== DATA FOR PROCESSING ==
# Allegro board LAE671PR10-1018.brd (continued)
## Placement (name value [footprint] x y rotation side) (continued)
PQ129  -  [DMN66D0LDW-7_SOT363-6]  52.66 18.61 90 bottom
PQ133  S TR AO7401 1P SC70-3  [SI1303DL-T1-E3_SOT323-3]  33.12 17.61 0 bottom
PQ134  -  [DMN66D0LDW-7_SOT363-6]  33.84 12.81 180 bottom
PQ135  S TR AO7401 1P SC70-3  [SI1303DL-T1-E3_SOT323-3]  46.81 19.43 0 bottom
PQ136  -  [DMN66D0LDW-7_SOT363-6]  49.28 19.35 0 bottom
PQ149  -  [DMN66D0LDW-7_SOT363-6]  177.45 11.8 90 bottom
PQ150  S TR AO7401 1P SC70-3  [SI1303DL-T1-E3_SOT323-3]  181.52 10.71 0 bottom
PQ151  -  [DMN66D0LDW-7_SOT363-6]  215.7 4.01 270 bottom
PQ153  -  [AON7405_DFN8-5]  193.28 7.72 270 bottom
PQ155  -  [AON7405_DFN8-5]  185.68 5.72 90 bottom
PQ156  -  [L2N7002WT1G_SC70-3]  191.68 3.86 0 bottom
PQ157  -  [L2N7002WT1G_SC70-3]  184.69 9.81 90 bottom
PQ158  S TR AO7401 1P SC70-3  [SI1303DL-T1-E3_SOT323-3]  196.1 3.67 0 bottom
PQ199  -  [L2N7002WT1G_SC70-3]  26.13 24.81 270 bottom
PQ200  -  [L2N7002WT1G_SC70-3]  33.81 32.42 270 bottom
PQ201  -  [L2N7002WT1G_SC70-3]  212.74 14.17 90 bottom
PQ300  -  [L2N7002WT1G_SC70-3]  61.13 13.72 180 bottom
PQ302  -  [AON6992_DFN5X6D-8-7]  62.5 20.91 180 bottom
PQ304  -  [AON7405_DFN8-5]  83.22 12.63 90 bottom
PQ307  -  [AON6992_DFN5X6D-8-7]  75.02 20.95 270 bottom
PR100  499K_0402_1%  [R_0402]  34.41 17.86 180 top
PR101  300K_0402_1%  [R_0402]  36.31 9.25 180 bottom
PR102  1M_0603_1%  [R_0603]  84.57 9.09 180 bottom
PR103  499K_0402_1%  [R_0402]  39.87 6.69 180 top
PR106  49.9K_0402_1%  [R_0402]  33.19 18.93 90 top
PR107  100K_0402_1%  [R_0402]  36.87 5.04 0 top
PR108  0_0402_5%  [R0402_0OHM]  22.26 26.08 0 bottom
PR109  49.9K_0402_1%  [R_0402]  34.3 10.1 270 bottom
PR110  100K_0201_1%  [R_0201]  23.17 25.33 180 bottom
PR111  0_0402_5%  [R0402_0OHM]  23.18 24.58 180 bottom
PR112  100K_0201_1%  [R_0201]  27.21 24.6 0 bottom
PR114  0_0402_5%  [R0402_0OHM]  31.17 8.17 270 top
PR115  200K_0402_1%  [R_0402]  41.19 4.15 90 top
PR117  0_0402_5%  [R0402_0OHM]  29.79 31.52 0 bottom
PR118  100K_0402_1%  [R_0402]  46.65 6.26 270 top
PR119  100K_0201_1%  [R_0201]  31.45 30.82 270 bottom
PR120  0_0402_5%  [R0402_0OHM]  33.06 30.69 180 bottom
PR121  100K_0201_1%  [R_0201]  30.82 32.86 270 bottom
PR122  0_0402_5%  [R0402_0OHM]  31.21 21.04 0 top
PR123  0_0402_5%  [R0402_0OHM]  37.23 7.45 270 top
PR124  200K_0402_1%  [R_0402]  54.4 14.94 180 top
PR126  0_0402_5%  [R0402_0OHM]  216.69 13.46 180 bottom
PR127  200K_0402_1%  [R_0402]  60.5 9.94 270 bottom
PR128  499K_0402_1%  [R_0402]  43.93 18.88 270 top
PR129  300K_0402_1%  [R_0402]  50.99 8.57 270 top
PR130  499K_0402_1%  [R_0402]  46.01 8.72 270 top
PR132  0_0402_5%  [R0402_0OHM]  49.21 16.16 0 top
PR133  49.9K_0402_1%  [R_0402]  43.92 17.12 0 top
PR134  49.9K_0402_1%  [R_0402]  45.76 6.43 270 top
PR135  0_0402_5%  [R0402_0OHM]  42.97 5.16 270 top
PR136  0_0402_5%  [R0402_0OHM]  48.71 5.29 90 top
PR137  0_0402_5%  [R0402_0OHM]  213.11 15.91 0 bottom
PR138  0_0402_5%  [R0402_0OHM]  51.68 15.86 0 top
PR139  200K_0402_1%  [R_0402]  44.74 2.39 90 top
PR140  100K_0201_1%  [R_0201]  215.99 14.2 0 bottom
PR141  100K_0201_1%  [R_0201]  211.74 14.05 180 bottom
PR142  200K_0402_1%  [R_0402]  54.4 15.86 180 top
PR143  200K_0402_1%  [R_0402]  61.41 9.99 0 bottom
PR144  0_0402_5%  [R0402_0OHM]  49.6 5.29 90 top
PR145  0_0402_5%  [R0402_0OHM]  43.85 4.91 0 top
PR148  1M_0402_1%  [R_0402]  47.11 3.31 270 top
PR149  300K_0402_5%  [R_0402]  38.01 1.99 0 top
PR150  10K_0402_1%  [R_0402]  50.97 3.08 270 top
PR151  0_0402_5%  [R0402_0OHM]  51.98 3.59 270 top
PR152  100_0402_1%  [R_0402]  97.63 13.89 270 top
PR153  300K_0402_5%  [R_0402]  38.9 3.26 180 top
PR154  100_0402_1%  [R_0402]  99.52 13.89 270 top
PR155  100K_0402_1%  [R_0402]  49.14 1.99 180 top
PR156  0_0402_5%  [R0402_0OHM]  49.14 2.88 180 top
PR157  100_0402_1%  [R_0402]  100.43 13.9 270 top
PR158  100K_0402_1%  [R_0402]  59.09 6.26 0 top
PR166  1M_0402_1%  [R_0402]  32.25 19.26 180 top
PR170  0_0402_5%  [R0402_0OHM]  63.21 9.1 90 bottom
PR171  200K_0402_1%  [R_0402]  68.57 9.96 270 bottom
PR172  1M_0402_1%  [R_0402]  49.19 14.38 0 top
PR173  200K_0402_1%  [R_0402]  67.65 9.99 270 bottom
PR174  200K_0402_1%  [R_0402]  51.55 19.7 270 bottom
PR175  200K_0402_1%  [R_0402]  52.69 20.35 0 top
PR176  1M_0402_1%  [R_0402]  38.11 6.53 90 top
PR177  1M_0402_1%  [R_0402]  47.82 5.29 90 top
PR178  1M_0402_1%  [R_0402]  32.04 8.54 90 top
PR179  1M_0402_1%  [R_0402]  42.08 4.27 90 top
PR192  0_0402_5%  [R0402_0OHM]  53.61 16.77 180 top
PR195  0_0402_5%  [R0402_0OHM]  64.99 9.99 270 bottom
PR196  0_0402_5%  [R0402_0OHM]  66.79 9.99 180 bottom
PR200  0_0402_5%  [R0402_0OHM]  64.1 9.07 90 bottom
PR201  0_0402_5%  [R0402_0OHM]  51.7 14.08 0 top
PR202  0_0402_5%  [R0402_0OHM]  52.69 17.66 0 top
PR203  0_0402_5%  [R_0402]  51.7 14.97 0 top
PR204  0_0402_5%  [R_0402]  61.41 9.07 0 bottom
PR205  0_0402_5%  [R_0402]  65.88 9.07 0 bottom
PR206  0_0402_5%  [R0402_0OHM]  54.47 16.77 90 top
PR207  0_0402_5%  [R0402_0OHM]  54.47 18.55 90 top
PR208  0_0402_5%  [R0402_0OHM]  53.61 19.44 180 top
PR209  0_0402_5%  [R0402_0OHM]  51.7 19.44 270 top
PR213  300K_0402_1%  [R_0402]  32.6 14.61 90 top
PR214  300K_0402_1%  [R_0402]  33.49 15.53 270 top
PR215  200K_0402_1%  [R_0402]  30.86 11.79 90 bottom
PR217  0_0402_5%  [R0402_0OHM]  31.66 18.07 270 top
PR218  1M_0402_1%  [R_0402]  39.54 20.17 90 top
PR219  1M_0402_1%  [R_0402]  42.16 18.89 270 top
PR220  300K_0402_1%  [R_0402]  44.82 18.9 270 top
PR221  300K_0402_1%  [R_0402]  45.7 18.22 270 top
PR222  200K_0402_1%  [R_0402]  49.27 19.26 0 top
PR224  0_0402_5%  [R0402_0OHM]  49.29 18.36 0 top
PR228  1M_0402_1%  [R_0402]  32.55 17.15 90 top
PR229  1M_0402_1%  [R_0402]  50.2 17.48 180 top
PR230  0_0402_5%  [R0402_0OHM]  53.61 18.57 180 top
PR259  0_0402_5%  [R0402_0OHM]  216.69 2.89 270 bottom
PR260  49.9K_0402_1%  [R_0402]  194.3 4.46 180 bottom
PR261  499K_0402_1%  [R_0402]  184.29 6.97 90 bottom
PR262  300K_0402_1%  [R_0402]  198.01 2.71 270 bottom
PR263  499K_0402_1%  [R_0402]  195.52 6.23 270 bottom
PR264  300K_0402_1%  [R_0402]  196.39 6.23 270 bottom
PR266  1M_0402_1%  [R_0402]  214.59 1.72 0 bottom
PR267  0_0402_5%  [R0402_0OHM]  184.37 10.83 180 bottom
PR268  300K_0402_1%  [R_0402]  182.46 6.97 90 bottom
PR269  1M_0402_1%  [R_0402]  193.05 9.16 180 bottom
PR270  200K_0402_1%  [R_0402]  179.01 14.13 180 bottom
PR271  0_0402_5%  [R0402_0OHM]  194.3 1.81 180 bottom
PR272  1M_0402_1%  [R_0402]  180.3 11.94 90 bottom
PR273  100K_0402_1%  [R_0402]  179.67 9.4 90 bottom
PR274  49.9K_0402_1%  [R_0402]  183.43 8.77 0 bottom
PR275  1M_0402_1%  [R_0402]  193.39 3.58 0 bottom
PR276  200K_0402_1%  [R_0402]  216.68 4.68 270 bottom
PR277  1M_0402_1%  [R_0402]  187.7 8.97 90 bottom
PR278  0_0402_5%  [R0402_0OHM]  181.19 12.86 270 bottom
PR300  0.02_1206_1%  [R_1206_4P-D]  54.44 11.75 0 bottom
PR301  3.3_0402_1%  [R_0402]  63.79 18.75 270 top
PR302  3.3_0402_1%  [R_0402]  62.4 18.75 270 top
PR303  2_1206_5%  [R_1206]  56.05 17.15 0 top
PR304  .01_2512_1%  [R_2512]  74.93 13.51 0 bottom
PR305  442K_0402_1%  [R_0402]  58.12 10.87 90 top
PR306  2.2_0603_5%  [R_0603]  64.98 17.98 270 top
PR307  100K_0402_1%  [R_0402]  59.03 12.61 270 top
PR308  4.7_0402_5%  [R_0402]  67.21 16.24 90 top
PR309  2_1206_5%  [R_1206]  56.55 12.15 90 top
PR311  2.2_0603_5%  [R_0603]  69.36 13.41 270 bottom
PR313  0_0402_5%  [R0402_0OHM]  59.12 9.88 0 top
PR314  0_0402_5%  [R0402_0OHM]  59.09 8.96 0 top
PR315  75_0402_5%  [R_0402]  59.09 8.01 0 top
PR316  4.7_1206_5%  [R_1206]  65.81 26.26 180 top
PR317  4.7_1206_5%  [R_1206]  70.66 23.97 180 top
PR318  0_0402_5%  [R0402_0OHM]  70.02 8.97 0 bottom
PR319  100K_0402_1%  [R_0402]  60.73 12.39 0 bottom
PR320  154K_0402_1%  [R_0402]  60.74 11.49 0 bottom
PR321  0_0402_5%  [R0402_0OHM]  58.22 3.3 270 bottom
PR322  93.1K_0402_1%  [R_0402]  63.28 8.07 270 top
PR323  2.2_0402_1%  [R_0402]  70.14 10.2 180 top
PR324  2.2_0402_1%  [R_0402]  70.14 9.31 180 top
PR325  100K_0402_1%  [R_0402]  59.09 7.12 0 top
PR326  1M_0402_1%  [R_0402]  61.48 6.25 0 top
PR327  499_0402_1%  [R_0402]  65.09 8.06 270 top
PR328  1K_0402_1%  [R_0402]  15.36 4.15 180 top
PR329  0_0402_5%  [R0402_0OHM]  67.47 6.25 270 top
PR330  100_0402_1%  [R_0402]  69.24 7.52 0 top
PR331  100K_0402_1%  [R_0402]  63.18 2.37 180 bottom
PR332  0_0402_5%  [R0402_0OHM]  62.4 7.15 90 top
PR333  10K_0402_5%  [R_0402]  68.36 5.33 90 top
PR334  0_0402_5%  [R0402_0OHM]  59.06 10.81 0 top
===
▶ **WORK REQUEST**
An exact copy of the data is needed, running from its first line through the line that holds "13.72 180 bottom", and nothing beyond that.

▶ **EXERCISE OUTPUT**
# Allegro board LAE671PR10-1018.brd (continued)
## Placement (name value [footprint] x y rotation side) (continued)
PQ129  -  [DMN66D0LDW-7_SOT363-6]  52.66 18.61 90 bottom
PQ133  S TR AO7401 1P SC70-3  [SI1303DL-T1-E3_SOT323-3]  33.12 17.61 0 bottom
PQ134  -  [DMN66D0LDW-7_SOT363-6]  33.84 12.81 180 bottom
PQ135  S TR AO7401 1P SC70-3  [SI1303DL-T1-E3_SOT323-3]  46.81 19.43 0 bottom
PQ136  -  [DMN66D0LDW-7_SOT363-6]  49.28 19.35 0 bottom
PQ149  -  [DMN66D0LDW-7_SOT363-6]  177.45 11.8 90 bottom
PQ150  S TR AO7401 1P SC70-3  [SI1303DL-T1-E3_SOT323-3]  181.52 10.71 0 bottom
PQ151  -  [DMN66D0LDW-7_SOT363-6]  215.7 4.01 270 bottom
PQ153  -  [AON7405_DFN8-5]  193.28 7.72 270 bottom
PQ155  -  [AON7405_DFN8-5]  185.68 5.72 90 bottom
PQ156  -  [L2N7002WT1G_SC70-3]  191.68 3.86 0 bottom
PQ157  -  [L2N7002WT1G_SC70-3]  184.69 9.81 90 bottom
PQ158  S TR AO7401 1P SC70-3  [SI1303DL-T1-E3_SOT323-3]  196.1 3.67 0 bottom
PQ199  -  [L2N7002WT1G_SC70-3]  26.13 24.81 270 bottom
PQ200  -  [L2N7002WT1G_SC70-3]  33.81 32.42 270 bottom
PQ201  -  [L2N7002WT1G_SC70-3]  212.74 14.17 90 bottom
PQ300  -  [L2N7002WT1G_SC70-3]  61.13 13.72 180 bottom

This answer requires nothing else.